Genome-wide Analysis Reveals Adaptation to High Altitudes in Tibetan Sheep

Overview

Journal Sci Rep

Specialty Science

Date 2016 May 28

PMID 27230812

Citations 74

Authors

Caihong Wei

Huihua Wang

Gang Liu

Fuping Zhao

James W Kijas

Youji Ma

Jian Lu

Li Zhang

Jiaxue Cao

Mingming Wu

Guangkai Wang

Ruizao Liu

Zhen Liu

Shuzhen Zhang

Chousheng Liu

Lixin Du

Affiliations

Soon will be listed here.

Abstract

Tibetan sheep have lived on the Tibetan Plateau for thousands of years; however, the process and consequences of adaptation to this extreme environment have not been elucidated for important livestock such as sheep.

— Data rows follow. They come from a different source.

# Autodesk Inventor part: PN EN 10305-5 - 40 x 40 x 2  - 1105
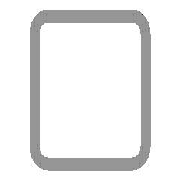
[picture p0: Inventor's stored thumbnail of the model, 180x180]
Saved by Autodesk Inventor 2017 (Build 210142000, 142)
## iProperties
_CCFamilyMember: 26
_CCFamilyDisplayName: PN EN 10305-5 (Rury kwadratowe, spawane, wymiarowane na zimno) - Rury stalowe do zastosowań precyzyjnych -  (Część 5: Rury kwadratowe, spawane, wymiarowane na z
_FrameMemberDoc: Frame Member File
_Version: 15.0.0
_GetPNFromCC: 1
Created: 2016-02
Part Number: PN EN 10305-5 - 40 x 40 x 2  - 1105
Material: Stal, miękka
Description: Rury stalowe do zastosowań precyzyjnych -  (Część 5: Rury kwadratowe, spawane, wymiarowane na zimno)
Document SubType Name: Modeling
Standard: PN
Designer: X
Standards Organization: PN
Language: pl-PL
Size Designation: 40 x 40 x 2
Categories: <MemberInstance><Categories><Category DisplayName="Kształtowniki konstrukcyjne" InternalName="089c4875-fa83-4c05-b084-43b9cc11f5ed" Mnemonic="GRDR"><CategoryPar
Stock Number: 40 x 40 x 2
Density: 7.85 g/cm^3
Appearance: Częściowo polerowana
IsCustomPart: 1
G_L: 1105,000 mm
G_W: 40,000 mm
G_H: 40,000 mm
Author: X
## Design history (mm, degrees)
node "Płaszczyzna początkowa"
node "Płaszczyzna końcowa"
sketch "Szkic"
  geometry: L1 (-20, -17)-(-20, 17); L2 (-17, 20)-(17, 20); L3 (20, 17)-(20, -17); L4 (17, -20)-(-17, -20); L5 (-17, 18)-(17, 18); L6 (18, 17)-(18, -17); L7 (17, -18)-(-17, -18); L8 (-18, -17)-(-18, 17); L9 (0, 25.37)-(0, -25.37) reference; L10 (-25.37, 0)-(25.37, 0) reference; A1 r 3 centre (-17, -17) between (-20, -17) and (-17, -20); A2 r 3 centre (-17, 17) between (-17, 20) and (-20, 17); A3 r 3 centre (17, 17) between (20, 17) and (17, 20); A4 r 3 centre (17, -17) between (17, -20) and (20, -17); A5 r 1 centre (-17, 17) between (-17, 18) and (-18, 17); A6 r 1 centre (17, 17) between (18, 17) and (17, 18); A7 r 1 centre (17, -17) between (17, -18) and (18, -17); A8 r 1 centre (-17, -17) between (-18, -17) and (-17, -18)
  constraints: 16 end point, 16 point on circle, 8 centre point, 8 tangent, 4 parallel, 3 equal radius, 2 perpendicular, 7 other
  dimensions: "d7" = 3 radius of A1 (= G_IR); "d10" = 40 distance between parallel lines of L2 L4 (= G_H); "d11" = 40 distance between parallel lines of L1 L3 (= G_W); "d12" = 2 distance between parallel lines of L3 L6 (= G_T); "d15" = 20 distance between parallel lines of L2 L10 (= 0.5 x d10); "d16" = 20 distance between parallel lines of L9 L3 (= 0.5 x d11)
extrude "Bryła" new body sketch "Szkic" stored distance "d3" = 1105 (= G_L); taper "d4" = 0 deg
node "Driven Length"
  sketch "Sketch3"
    geometry: L1 (0, 0)-(10, 0) reference
    constraints: 2 end point, 1 horizontal
  workplane "Work Plane3"
  sketch "Sketch4"
    geometry: L1 (-2, 0)-(12, 0) reference; L2 (-2, 1105)-(12, 1105) reference
    dimensions: "d18" = 1105 distance between parallel lines of L1 L2 (derived)
body "Solid1"
other parameters: "G_W" = 40 [user parameter; used in 1 equation term], "G_H" = 40 [user parameter; used in 1 equation term], "G_T" = 2 [user parameter; used in 1 equation term], "G_IR" = 3 [user parameter; used in 1 equation term], "G_L" = 1105 (= d18) [user parameter; used in 1 equation term], "G_OFFSET_START" = 0 [user parameter; used in 1 equation term], "G_OFFSET_END" = -35 [user parameter; used in 1 equation term], "d13" = 0 (computed from G_OFFSET_START), "d14" = 1105 (= G_OFFSET_END + B_L), "d17" = 90 deg

Here, seven sheep breeds, representing both highland and lowland breeds from different areas of China, were genotyped for a genome-wide collection of single-nucleotide polymorphisms (SNPs). The FST and XP-EHH approaches were used to identify regions harbouring local positive selection between these highland and lowland breeds, and 236 genes were identified. We detected selection events spanning genes involved in angiogenesis, energy production and erythropoiesis. In particular, several candidate genes were associated with high-altitude hypoxia, including EPAS1, CRYAA, LONP1, NF1, DPP4, SOD1, PPARG and SOCS2. EPAS1 plays a crucial role in hypoxia adaption; therefore, we investigated the exon sequences of EPAS1 and identified 12 mutations. Analysis of the relationship between blood-related phenotypes and EPAS1 genotypes in additional highland sheep revealed that a homozygous mutation at a relatively conserved site in the EPAS1 3' untranslated region was associated with increased mean corpuscular haemoglobin concentration and mean corpuscular volume. Taken together, our results provide evidence of the genetic diversity of highland sheep and indicate potential high-altitude hypoxia adaptation mechanisms, including the role of EPAS1 in adaptation.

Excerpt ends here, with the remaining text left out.